Stored dataset items
----------------------------------------

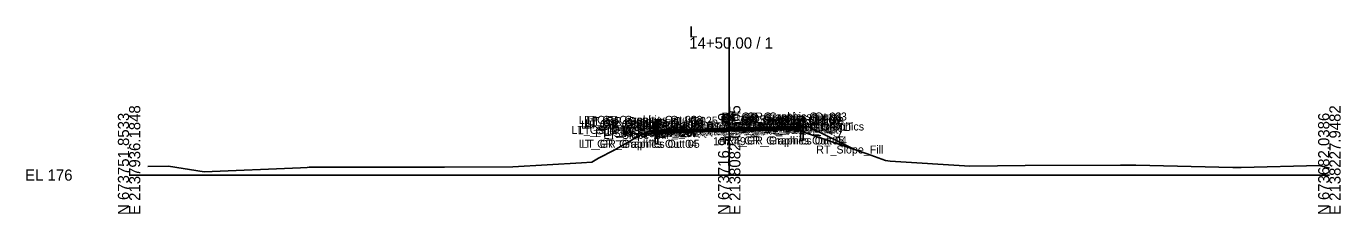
# Model space of a CAD drawing. Extents: x -26 to 5503, y -10 to 7033.
# Drawn here: x -25.7 to 302.8, y 5490.3 to 5537.3 of the extents above; entities that cross this region are included whole.
import ezdxf

# ---------------------------------------------------------------- set-up
doc = ezdxf.new("R2010")
doc.units = 0
for name, color, linetype in [('Default', 7, 'Continuous'), ('Exist Cross Section Cell', 7, 'Continuous'), ('Exist XS Center Line Elevation Label', 7, 'Continuous'), ('Exist XS Ground Line', 7, 'Continuous'), ('Prop CMT Guardrail Graphics', 7, 'Continuous'), ('Prop CMT Pvmt Course 1', 7, 'Continuous'), ('Prop CMT Pvmt Course 2', 7, 'Continuous'), ('Prop CMT Pvmt Course 3', 7, 'Continuous'), ('Prop CMT Pvmt Surface', 7, 'Continuous'), ('Prop CMT Pvmt Surface Overlay', 7, 'Continuous'), ('Prop CMT Pvmt Surface Shoulder', 7, 'Continuous'), ('Prop CMT Shld Paved Course 1', 7, 'Continuous'), ('Prop CMT Shld Paved Course 2', 7, 'Continuous'), ('Prop CMT Shld Paved Course 3', 7, 'Continuous'), ('Prop CMT Slope Grass', 7, 'Continuous'), ('Prop CMT Subgrade Earthwork', 7, 'Continuous'), ('Prop XS Earthwork Shape', 7, 'Continuous'), ('Prop XS EOT Tick Mark', 7, 'Continuous'), ('Prop XS SE Text', 7, 'Continuous'), ('Prop XS Side Slope Text', 7, 'Continuous')]:
    doc.layers.add(name, color=color, linetype=linetype)

msp = doc.modelspace()

# ---------------------------------------------------------------- linework, layer by layer
at = {"layer": 'Exist Cross Section Cell'}
for p, q in [((150, 5500), (150, 5534.48)), ((0, 5500), (150, 5500)), ((150, 5500), (300, 5500))]:
    msp.add_line(p, q, dxfattribs=at)
at = {"layer": 'Exist XS Ground Line'}
for p, q in [((121.21, 5506.22), (127.74, 5510)), ((127.74, 5510), (131.37, 5510.75)), ((131.37, 5510.75), (137.66, 5511.28)), ((137.66, 5511.28), (145.24, 5511.41)), ((145.24, 5511.41), (149.33, 5511.49)), ((149.33, 5511.49), (150, 5511.49)), ((150, 5511.49), (158.78, 5511.41)), ((158.78, 5511.41), (162.52, 5511.36)), ((162.52, 5511.36), (165.67, 5511.3)), ((165.67, 5511.3), (167.13, 5511.17)), ((167.13, 5511.17), (169.29, 5510.49)), ((169.29, 5510.49), (184.45, 5505.31)), ((117.35, 5504.23), (121.21, 5506.22)), ((95.92, 5502.03), (113.04, 5503.04)), ((113.04, 5503.04), (115.67, 5503.24)), ((115.67, 5503.24), (117.35, 5504.23)), ((184.45, 5505.31), (189.09, 5503.61)), ((189.09, 5503.61), (190.27, 5503.5)), ((190.27, 5503.5), (210.12, 5502.2)), ((4.7, 5502.18), (9.89, 5502.25)), ((9.89, 5502.25), (18.8, 5500.85)), ((18.8, 5500.85), (42.82, 5501.84)), ((42.82, 5501.84), (44.51, 5501.92)), ((44.51, 5501.92), (45.04, 5501.94)), ((45.04, 5501.94), (70.21, 5501.94)), ((70.21, 5501.94), (78.83, 5501.99)), ((78.83, 5501.99), (95.92, 5502.03)), ((210.12, 5502.2), (223.93, 5502.36)), ((223.93, 5502.36), (247.79, 5502.47)), ((247.79, 5502.47), (250.15, 5502.46)), ((250.15, 5502.46), (251.6, 5502.47)), ((251.6, 5502.47), (275.86, 5501.93)), ((275.86, 5501.93), (277.95, 5501.91)), ((277.95, 5501.91), (297.54, 5502.4)), ((297.54, 5502.4), (300, 5501.76))]:
    msp.add_line(p, q, dxfattribs=at)
at = {"layer": 'Prop CMT Guardrail Graphics'}
for points in [[(131.48, 5507.83), (131.48, 5513.83)], [(131.48, 5513.83), (132.81, 5513.83), (133.08, 5513.53)], [(133.08, 5512.95), (132.81, 5512.66), (132.15, 5512.66)], [(133.08, 5513.53), (132.81, 5513.24)], [(132.81, 5513.24), (133.08, 5512.95)], [(168.52, 5514.67), (167.19, 5514.67), (166.92, 5514.38)], [(166.92, 5514.38), (167.19, 5514.09)], [(167.19, 5514.09), (166.92, 5513.8)], [(166.92, 5513.8), (167.19, 5513.5), (167.85, 5513.5)], [(167.85, 5513.5), (167.85, 5508.67)], [(168.52, 5508.67), (168.52, 5514.67)], [(132.15, 5512.66), (132.15, 5507.83)], [(132.15, 5507.83), (131.48, 5507.83)], [(167.85, 5508.67), (168.52, 5508.67)]]:
    msp.add_lwpolyline(points, dxfattribs=at)
at = {"layer": 'Prop CMT Pvmt Course 1'}
for points in [[(150, 5511.75), (138, 5511.45)], [(138, 5511.2), (150, 5511.5)], [(138, 5511.45), (138, 5511.2)], [(150, 5511.75), (162, 5512.05)], [(162, 5511.8), (150, 5511.5)], [(150, 5511.62), (150, 5511.75)], [(150, 5511.62), (150, 5511.75)], [(150, 5511.5), (150, 5511.62), (150, 5511.62)], [(150, 5511.5), (150, 5511.62), (150, 5511.62)], [(162, 5512.05), (162, 5511.8)]]:
    msp.add_lwpolyline(points, dxfattribs=at)
at = {"layer": 'Prop CMT Pvmt Course 2'}
for points in [[(150, 5511.5), (138, 5511.2)], [(138, 5510.99), (150, 5511.29)], [(138, 5511.2), (138, 5510.99)], [(150, 5511.5), (162, 5511.8)], [(162, 5511.59), (150, 5511.29)], [(150, 5511.29), (150, 5511.5)], [(150, 5511.29), (150, 5511.5)], [(162, 5511.8), (162, 5511.59)]]:
    msp.add_lwpolyline(points, dxfattribs=at)
at = {"layer": 'Prop CMT Pvmt Course 3'}
for points in [[(150, 5511.29), (138, 5510.99)], [(138, 5510.99), (138, 5510.66)], [(138, 5510.66), (150, 5510.96)], [(150, 5511.29), (162, 5511.59)], [(150, 5510.96), (150, 5511.29)], [(150, 5510.96), (150, 5511.29)], [(162, 5511.26), (150, 5510.96)], [(162, 5511.59), (162, 5511.26)]]:
    msp.add_lwpolyline(points, dxfattribs=at)
at = {"layer": 'Prop CMT Pvmt Surface'}
for points in [[(150, 5511.75), (138, 5511.45)], [(150, 5511.75), (162, 5512.05)]]:
    msp.add_lwpolyline(points, dxfattribs=at)
at = {"layer": 'Prop CMT Pvmt Surface Overlay'}
for points in [[(150, 5511.75), (138, 5511.45)], [(150, 5511.75), (162, 5512.05)]]:
    msp.add_lwpolyline(points, dxfattribs=at)
at = {"layer": 'Prop CMT Pvmt Surface Shoulder'}
for points in [[(138, 5511.45), (133.09, 5511.33)], [(162, 5512.05), (166.91, 5512.17)]]:
    msp.add_lwpolyline(points, dxfattribs=at)
at = {"layer": 'Prop CMT Shld Paved Course 1'}
for points in [[(138, 5511.45), (133.09, 5511.33), (132.84, 5511.07)], [(132.84, 5511.07), (138, 5511.2)], [(138, 5511.2), (138, 5511.45)], [(162, 5512.05), (166.91, 5512.17), (167.15, 5511.93)], [(162, 5511.8), (162, 5512.05)], [(167.15, 5511.93), (162, 5511.8)]]:
    msp.add_lwpolyline(points, dxfattribs=at)
at = {"layer": 'Prop CMT Shld Paved Course 2'}
for points in [[(138, 5511.2), (132.84, 5511.07), (132.62, 5510.86)], [(132.62, 5510.86), (138, 5510.99)], [(138, 5510.99), (138, 5511.2)], [(162, 5511.8), (167.15, 5511.93), (167.35, 5511.72)], [(162, 5511.59), (162, 5511.8)], [(167.35, 5511.72), (162, 5511.59)]]:
    msp.add_lwpolyline(points, dxfattribs=at)
at = {"layer": 'Prop CMT Shld Paved Course 3'}
for points in [[(132.62, 5510.86), (132.28, 5510.51)], [(132.28, 5510.51), (138, 5510.66)], [(138, 5510.99), (132.62, 5510.86)], [(132.62, 5510.86), (132.62, 5510.86)], [(138, 5510.66), (138, 5510.99)], [(162, 5511.59), (167.35, 5511.72)], [(162, 5511.26), (162, 5511.59)], [(167.68, 5511.4), (162, 5511.26)], [(167.35, 5511.72), (167.35, 5511.72)], [(167.35, 5511.72), (167.68, 5511.4)]]:
    msp.add_lwpolyline(points, dxfattribs=at)
at = {"layer": 'Prop CMT Slope Grass'}
for points in [[(130.08, 5511.09), (128.04, 5510.07)], [(133.08, 5511.33), (130.08, 5511.09)], [(133.09, 5511.33), (133.08, 5511.33)], [(166.91, 5512.17), (166.92, 5512.17)], [(166.92, 5512.17), (169.92, 5512.07)], [(169.92, 5512.07), (181.28, 5506.4)]]:
    msp.add_lwpolyline(points, dxfattribs=at)
at = {"layer": 'Prop CMT Subgrade Earthwork'}
for points in [[(132.28, 5510.51), (131.59, 5511.21)], [(138, 5510.66), (132.28, 5510.51)], [(150, 5510.96), (138, 5510.66)], [(150, 5510.96), (162, 5511.26)], [(162, 5511.26), (167.68, 5511.4)], [(167.68, 5511.4), (168.4, 5512.12)]]:
    msp.add_lwpolyline(points, dxfattribs=at)
at = {"layer": 'Prop XS Earthwork Shape'}
for points in [[(131.99, 5510.81), (131.59, 5511.21), (130.08, 5511.09), (128.04, 5510.07), (131.37, 5510.75)], [(131.99, 5510.81), (137.66, 5511.28), (145.24, 5511.41), (149.33, 5511.49), (150, 5511.49), (158.78, 5511.41), (162.52, 5511.36), (164.57, 5511.32), (162, 5511.26), (150, 5510.96), (138, 5510.66), (132.28, 5510.51)], [(164.57, 5511.32), (165.67, 5511.3), (167.13, 5511.17), (169.29, 5510.49), (181.28, 5506.4), (169.92, 5512.07), (168.4, 5512.12), (167.68, 5511.4)]]:
    msp.add_lwpolyline(points, close=True, dxfattribs=at)
at = {"layer": 'Prop XS EOT Tick Mark'}
for points in [[(162, 5512.05), (162, 5513.05)], [(138, 5511.45), (138, 5512.45)]]:
    msp.add_lwpolyline(points, dxfattribs=at)

# ---------------------------------------------------------------- texts
at = {"layer": 'Default'}
for s, height, p in [('LT_GR_Graphics Out 03', 2, (112.38, 5512.83)), ('LT_GR_Graphics Out 06', 2, (113, 5511.66)), ('LT_GR_Graphics Out 02', 2, (113.71, 5512.83)), ('LT_GR_Graphics Out 09', 2, (113.71, 5512.24)), ('LT_GR_Graphics Out 07', 2, (113.71, 5511.66)), ('LT_GR_Graphics Out 08', 2, (113.98, 5511.95)), ('LT_GR_Graphics Out 01', 2, (114.55, 5512.53)), ('LT_TM_OEOT', 2, (128.94, 5511.45)), ('RT_GS_OS_GR_Face_Graphics', 2, (144.33, 5511.17)), ('PV1_PGL', 2, (144.47, 5510.75)), ('RT_GR_Graphics Out 08', 2, (147.77, 5512.8)), ('RT_GR_Graphics Out 02', 2, (148.04, 5513.67)), ('RT_GR_Graphics Out 09', 2, (148.04, 5513.09)), ('RT_GR_Graphics Out 07', 2, (148.04, 5512.5)), ('RT_GR_Graphics Out 01', 2, (148.33, 5513.38)), ('RT_GR_Graphics Out 06', 2, (148.66, 5512.5)), ('RT_Sub_Trench_Out_DLT', 2, (148.92, 5511.12)), ('RT_GR_Graphics Out 03', 2, (149.37, 5513.67)), ('RT_PV2_OEOT', 2, (152.13, 5510.8)), ('RT_PV1_OEOT', 2, (152.69, 5511.05)), ('RT_TM_OEOT', 2, (152.9, 5512.05)), ('RT_PS3_Shelf_Out', 2, (153.29, 5510.72)), ('RT_PS2_OEOP', 2, (157.34, 5510.93)), ('RT_PS1_OEOP', 2, (157.66, 5511.17)), ('RT_GS_OS_CTL', 2, (159.24, 5511.07)), ('LT_GS_OS_GR_Face_Graphics', 2, (110.54, 5510.33)), ('LT_Sub_Trench_Out_DLT', 2, (112.16, 5510.21)), ('LT_Sub_Trench_Out', 2, (116.49, 5509.51)), ('LT_Slope_Fill', 2, (118.56, 5509.07)), ('LT_PS3_Shelf_Out', 2, (118.61, 5509.86)), ('LT_GS_OS_CTL', 2, (119.45, 5510.09)), ('LT_PS3_OEOP', 2, (122.86, 5509.86)), ('LT_PS2_OEOP', 2, (123.07, 5510.07)), ('LT_PS1_OEOP', 2, (123.9, 5510.33)), ('LT_Sub_OEOT', 2, (128.08, 5509.66)), ('LT_PV2_OEOT', 2, (128.17, 5510.2)), ('LT_PV3_OEOT', 2, (128.17, 5509.99)), ('LT_PV1_OEOT', 2, (128.74, 5510.45)), ('RT_PV1_OEEOP_W', 2, (137.94, 5510.62)), ('LT_PV1_OEEOP_W', 2, (137.98, 5510.62)), ('RT_Sub_OEEOP', 2, (139.17, 5509.96)), ('LT_Sub_OEEOP', 2, (139.21, 5509.96)), ('RT_PV2_OEEOP', 2, (139.26, 5510.5)), ('RT_PV3_OEEOP', 2, (139.26, 5510.29)), ('LT_PV2_OEEOP', 2, (139.31, 5510.5)), ('LT_PV3_OEEOP', 2, (139.31, 5510.29)), ('PV1_PGL_W', 2, (142.58, 5510.62)), ('RT_GR_Graphics Out 05', 2, (148.7, 5507.67)), ('RT_GR_Graphics Out 04', 2, (149.37, 5507.67)), ('RT_Sub_Trench_Out', 2, (151.84, 5510.4)), ('RT_Sub_OEOT', 2, (152.03, 5510.26)), ('RT_PV3_OEOT', 2, (152.13, 5510.59)), ('RT_PS3_OEOP', 2, (157.54, 5510.72)), ('LT_GR_Graphics Out 04', 2, (112.38, 5506.83)), ('LT_GR_Graphics Out 05', 2, (113.04, 5506.83)), ('RT_Slope_Fill', 2, (171.75, 5505.4)), ('-', 0.0001, (0, 5500))]:
    msp.add_text(s, height=height, dxfattribs=at).set_placement(p)
at = {"layer": 'Exist Cross Section Cell'}
for s, p in [('L', (140, 5534.48)), ('14+50.00 / 1', (140, 5531.68)), ('EL 176', (-26, 5498.6))]:
    msp.add_text(s, height=2.8, dxfattribs=at).set_placement(p)
for s, p in [('E 2137936.1848', (2.8, 5490)), ('E 2138082.0665', (152.8, 5490)), ('E 2138227.9482', (302.8, 5490)), ('N 673751.8533', (0, 5490)), ('N 673716.9459', (150, 5490)), ('N 673682.0386', (300, 5490))]:
    msp.add_text(s, height=2.8, rotation=90, dxfattribs=at).set_placement(p)
at = {"layer": 'Exist XS Center Line Elevation Label'}
msp.add_text('187.49', height=2, dxfattribs=at).set_placement((145.97, 5507.49))
at = {"layer": 'Prop XS SE Text'}
for p in [(140.48, 5512.51), (152.48, 5512.81)]:
    msp.add_text('0.025', height=2, rotation=1.4321, dxfattribs=at).set_placement(p)
at = {"layer": 'Prop XS Side Slope Text'}
for rotation, p in [(26.5268, (127.29, 5510.53)), (333.4732, (174.5, 5510.62))]:
    msp.add_text('2:1', height=2, rotation=rotation, dxfattribs=at).set_placement(p)

doc.saveas('drawing.dxf')

----------------------------------------

REQUIREMENT: Only lines that contain the string "drawing" count; pick each one out of the records and copy it.

ANSWER FOR THE TASK:
# Model space of a CAD drawing. Extents: x -26 to 5503, y -10 to 7033.
doc.saveas('drawing.dxf')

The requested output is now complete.